> What to do
Print the lines that run from the line with "#993 = CARTESIAN_POINT( '', ( 32.75, 0., 21.5" to the line with "#1257 = CARTESIAN_POINT( '', ( -33.5, 0., -25.", keeping both end lines, exactly as they appear in the entries below, and nothing else.

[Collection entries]
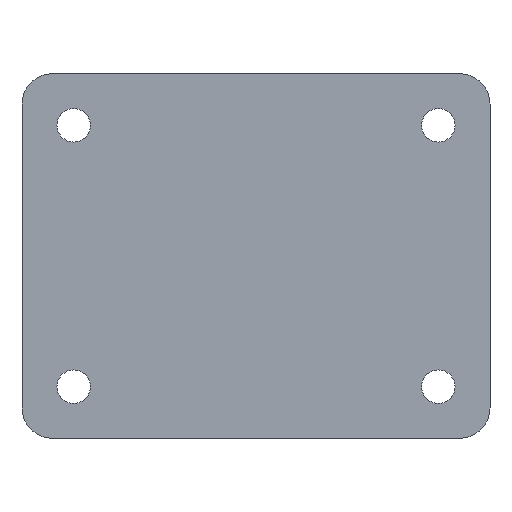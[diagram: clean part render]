
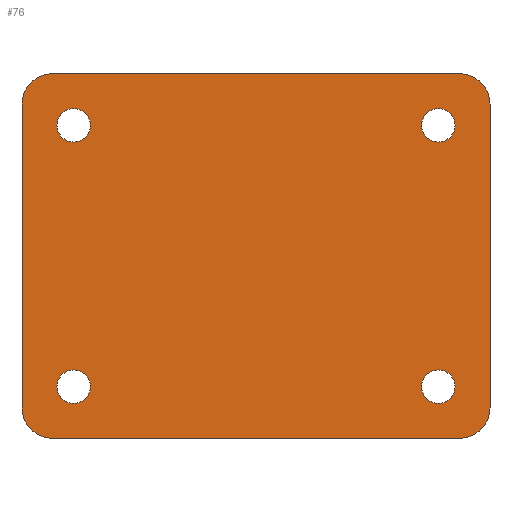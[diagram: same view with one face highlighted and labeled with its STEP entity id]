
A CAD part, front view. The second image highlights one B-rep face of the part: STEP entity #76.
In plain terms, the highlighted planar face has unit normal (0, -1, 0).
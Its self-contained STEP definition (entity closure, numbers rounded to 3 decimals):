
#76 = ADVANCED_FACE( '', ( #156, #157, #158, #159, #160 ), #161, .F. );
#156 = FACE_BOUND( '', #380, .T. );
#157 = FACE_BOUND( '', #381, .T. );
#158 = FACE_BOUND( '', #382, .T. );
#159 = FACE_BOUND( '', #383, .T. );
#160 = FACE_OUTER_BOUND( '', #384, .T. );
#161 = PLANE( '', #385 );
#380 = EDGE_LOOP( '', ( #590 ) );
#381 = EDGE_LOOP( '', ( #591 ) );
#382 = EDGE_LOOP( '', ( #592 ) );
#383 = EDGE_LOOP( '', ( #593 ) );
#384 = EDGE_LOOP( '', ( #594, #595, #596, #597, #598, #599, #600, #601 ) );
#385 = AXIS2_PLACEMENT_3D( '', #602, #603, #604 );
#590 = ORIENTED_EDGE( '', *, *, #686, .T. );
#591 = ORIENTED_EDGE( '', *, *, #657, .T. );
#592 = ORIENTED_EDGE( '', *, *, #648, .T. );
#593 = ORIENTED_EDGE( '', *, *, #709, .T. );
#594 = ORIENTED_EDGE( '', *, *, #650, .F. );
#595 = ORIENTED_EDGE( '', *, *, #692, .F. );
#596 = ORIENTED_EDGE( '', *, *, #710, .F. );
#597 = ORIENTED_EDGE( '', *, *, #688, .F. );
#598 = ORIENTED_EDGE( '', *, *, #677, .F. );
#599 = ORIENTED_EDGE( '', *, *, #659, .F. );
#600 = ORIENTED_EDGE( '', *, *, #674, .F. );
#601 = ORIENTED_EDGE( '', *, *, #625, .F. );
#602 = CARTESIAN_POINT( '', ( -33.5, 0., 25. ) );
#603 = DIRECTION( '', ( 0., 1., 0. ) );
#604 = DIRECTION( '', ( 0., 0., 1. ) );
#625 = EDGE_CURVE( '', #715, #716, #717, .T. );
#648 = EDGE_CURVE( '', #759, #759, #760, .T. );
#650 = EDGE_CURVE( '', #762, #715, #763, .T. );
#657 = EDGE_CURVE( '', #774, #774, #775, .T. );
#659 = EDGE_CURVE( '', #777, #778, #779, .T. );
#674 = EDGE_CURVE( '', #716, #777, #804, .T. );
#677 = EDGE_CURVE( '', #778, #807, #808, .T. );
#686 = EDGE_CURVE( '', #820, #820, #821, .T. );
#688 = EDGE_CURVE( '', #807, #823, #824, .T. );
#692 = EDGE_CURVE( '', #829, #762, #830, .T. );
#709 = EDGE_CURVE( '', #854, #854, #855, .T. );
#710 = EDGE_CURVE( '', #823, #829, #856, .T. );
#715 = VERTEX_POINT( '', #861 );
#716 = VERTEX_POINT( '', #862 );
#717 = CIRCLE( '', #863, 5. );
#759 = VERTEX_POINT( '', #993 );
#760 = CIRCLE( '', #994, 2.75 );
#762 = VERTEX_POINT( '', #996 );
#763 = LINE( '', #997, #998 );
#774 = VERTEX_POINT( '', #1015 );
#775 = CIRCLE( '', #1016, 2.75 );
#777 = VERTEX_POINT( '', #1018 );
#778 = VERTEX_POINT( '', #1019 );
#779 = CIRCLE( '', #1020, 5. );
#804 = LINE( '', #1086, #1087 );
#807 = VERTEX_POINT( '', #1091 );
#808 = LINE( '', #1092, #1093 );
#820 = VERTEX_POINT( '', #1118 );
#821 = CIRCLE( '', #1119, 2.75 );
#823 = VERTEX_POINT( '', #1121 );
#824 = CIRCLE( '', #1122, 5. );
#829 = VERTEX_POINT( '', #1128 );
#830 = CIRCLE( '', #1129, 5. );
#854 = VERTEX_POINT( '', #1199 );
#855 = CIRCLE( '', #1200, 2.75 );
#856 = LINE( '', #1201, #1202 );
#861 = CARTESIAN_POINT( '', ( -38.5, 0., 25. ) );
#862 = CARTESIAN_POINT( '', ( -33.5, 0., 30. ) );
#863 = AXIS2_PLACEMENT_3D( '', #1206, #1207, #1208 );
#993 = CARTESIAN_POINT( '', ( 32.75, 0., 21.5 ) );
#994 = AXIS2_PLACEMENT_3D( '', #1217, #1218, #1219 );
#996 = CARTESIAN_POINT( '', ( -38.5, 0., -25. ) );
#997 = CARTESIAN_POINT( '', ( -38.5, 0., -25. ) );
#998 = VECTOR( '', #1220, 1000. );
#1015 = CARTESIAN_POINT( '', ( -27.25, 0., -21.5 ) );
#1016 = AXIS2_PLACEMENT_3D( '', #1227, #1228, #1229 );
#1018 = CARTESIAN_POINT( '', ( 33.5, 0., 30. ) );
#1019 = CARTESIAN_POINT( '', ( 38.5, 0., 25. ) );
#1020 = AXIS2_PLACEMENT_3D( '', #1230, #1231, #1232 );
#1086 = CARTESIAN_POINT( '', ( -33.5, 0., 30. ) );
#1087 = VECTOR( '', #1238, 1000. );
#1091 = CARTESIAN_POINT( '', ( 38.5, 0., -25. ) );
#1092 = CARTESIAN_POINT( '', ( 38.5, 0., 25. ) );
#1093 = VECTOR( '', #1240, 1000. );
#1118 = CARTESIAN_POINT( '', ( -27.25, 0., 21.5 ) );
#1119 = AXIS2_PLACEMENT_3D( '', #1247, #1248, #1249 );
#1121 = CARTESIAN_POINT( '', ( 33.5, 0., -30. ) );
#1122 = AXIS2_PLACEMENT_3D( '', #1250, #1251, #1252 );
#1128 = CARTESIAN_POINT( '', ( -33.5, 0., -30. ) );
#1129 = AXIS2_PLACEMENT_3D( '', #1257, #1258, #1259 );
#1199 = CARTESIAN_POINT( '', ( 32.75, 0., -21.5 ) );
#1200 = AXIS2_PLACEMENT_3D( '', #1268, #1269, #1270 );
#1201 = CARTESIAN_POINT( '', ( 33.5, 0., -30. ) );
#1202 = VECTOR( '', #1271, 1000. );
#1206 = CARTESIAN_POINT( '', ( -33.5, 0., 25. ) );
#1207 = DIRECTION( '', ( 0., 1., 0. ) );
#1208 = DIRECTION( '', ( 1., 0., 0. ) );
#1217 = CARTESIAN_POINT( '', ( 30., 0., 21.5 ) );
#1218 = DIRECTION( '', ( 0., 1., 0. ) );
#1219 = DIRECTION( '', ( 1., 0., 0. ) );
#1220 = DIRECTION( '', ( 0., 0., 1. ) );
#1227 = CARTESIAN_POINT( '', ( -30., 0., -21.5 ) );
#1228 = DIRECTION( '', ( 0., 1., 0. ) );
#1229 = DIRECTION( '', ( 1., 0., 0. ) );
#1230 = CARTESIAN_POINT( '', ( 33.5, 0., 25. ) );
#1231 = DIRECTION( '', ( 0., 1., 0. ) );
#1232 = DIRECTION( '', ( 1., 0., 0. ) );
#1238 = DIRECTION( '', ( 1., 0., 0. ) );
#1240 = DIRECTION( '', ( 0., 0., -1. ) );
#1247 = CARTESIAN_POINT( '', ( -30., 0., 21.5 ) );
#1248 = DIRECTION( '', ( 0., 1., 0. ) );
#1249 = DIRECTION( '', ( 1., 0., 0. ) );
#1250 = CARTESIAN_POINT( '', ( 33.5, 0., -25. ) );
#1251 = DIRECTION( '', ( 0., 1., 0. ) );
#1252 = DIRECTION( '', ( 1., 0., 0. ) );
#1257 = CARTESIAN_POINT( '', ( -33.5, 0., -25. ) );
#1258 = DIRECTION( '', ( 0., 1., 0. ) );
#1259 = DIRECTION( '', ( 1., 0., 0. ) );
#1268 = CARTESIAN_POINT( '', ( 30., 0., -21.5 ) );
#1269 = DIRECTION( '', ( 0., 1., 0. ) );
#1270 = DIRECTION( '', ( 1., 0., 0. ) );
#1271 = DIRECTION( '', ( -1., 0., 0. ) );

> Final answer
#993 = CARTESIAN_POINT( '', ( 32.75, 0., 21.5 ) );
#994 = AXIS2_PLACEMENT_3D( '', #1217, #1218, #1219 );
#996 = CARTESIAN_POINT( '', ( -38.5, 0., -25. ) );
#997 = CARTESIAN_POINT( '', ( -38.5, 0., -25. ) );
#998 = VECTOR( '', #1220, 1000. );
#1015 = CARTESIAN_POINT( '', ( -27.25, 0., -21.5 ) );
#1016 = AXIS2_PLACEMENT_3D( '', #1227, #1228, #1229 );
#1018 = CARTESIAN_POINT( '', ( 33.5, 0., 30. ) );
#1019 = CARTESIAN_POINT( '', ( 38.5, 0., 25. ) );
#1020 = AXIS2_PLACEMENT_3D( '', #1230, #1231, #1232 );
#1086 = CARTESIAN_POINT( '', ( -33.5, 0., 30. ) );
#1087 = VECTOR( '', #1238, 1000. );
#1091 = CARTESIAN_POINT( '', ( 38.5, 0., -25. ) );
#1092 = CARTESIAN_POINT( '', ( 38.5, 0., 25. ) );
#1093 = VECTOR( '', #1240, 1000. );
#1118 = CARTESIAN_POINT( '', ( -27.25, 0., 21.5 ) );
#1119 = AXIS2_PLACEMENT_3D( '', #1247, #1248, #1249 );
#1121 = CARTESIAN_POINT( '', ( 33.5, 0., -30. ) );
#1122 = AXIS2_PLACEMENT_3D( '', #1250, #1251, #1252 );
#1128 = CARTESIAN_POINT( '', ( -33.5, 0., -30. ) );
#1129 = AXIS2_PLACEMENT_3D( '', #1257, #1258, #1259 );
#1199 = CARTESIAN_POINT( '', ( 32.75, 0., -21.5 ) );
#1200 = AXIS2_PLACEMENT_3D( '', #1268, #1269, #1270 );
#1201 = CARTESIAN_POINT( '', ( 33.5, 0., -30. ) );
#1202 = VECTOR( '', #1271, 1000. );
#1206 = CARTESIAN_POINT( '', ( -33.5, 0., 25. ) );
#1207 = DIRECTION( '', ( 0., 1., 0. ) );
#1208 = DIRECTION( '', ( 1., 0., 0. ) );
#1217 = CARTESIAN_POINT( '', ( 30., 0., 21.5 ) );
#1218 = DIRECTION( '', ( 0., 1., 0. ) );
#1219 = DIRECTION( '', ( 1., 0., 0. ) );
#1220 = DIRECTION( '', ( 0., 0., 1. ) );
#1227 = CARTESIAN_POINT( '', ( -30., 0., -21.5 ) );
#1228 = DIRECTION( '', ( 0., 1., 0. ) );
#1229 = DIRECTION( '', ( 1., 0., 0. ) );
#1230 = CARTESIAN_POINT( '', ( 33.5, 0., 25. ) );
#1231 = DIRECTION( '', ( 0., 1., 0. ) );
#1232 = DIRECTION( '', ( 1., 0., 0. ) );
#1238 = DIRECTION( '', ( 1., 0., 0. ) );
#1240 = DIRECTION( '', ( 0., 0., -1. ) );
#1247 = CARTESIAN_POINT( '', ( -30., 0., 21.5 ) );
#1248 = DIRECTION( '', ( 0., 1., 0. ) );
#1249 = DIRECTION( '', ( 1., 0., 0. ) );
#1250 = CARTESIAN_POINT( '', ( 33.5, 0., -25. ) );
#1251 = DIRECTION( '', ( 0., 1., 0. ) );
#1252 = DIRECTION( '', ( 1., 0., 0. ) );
#1257 = CARTESIAN_POINT( '', ( -33.5, 0., -25. ) );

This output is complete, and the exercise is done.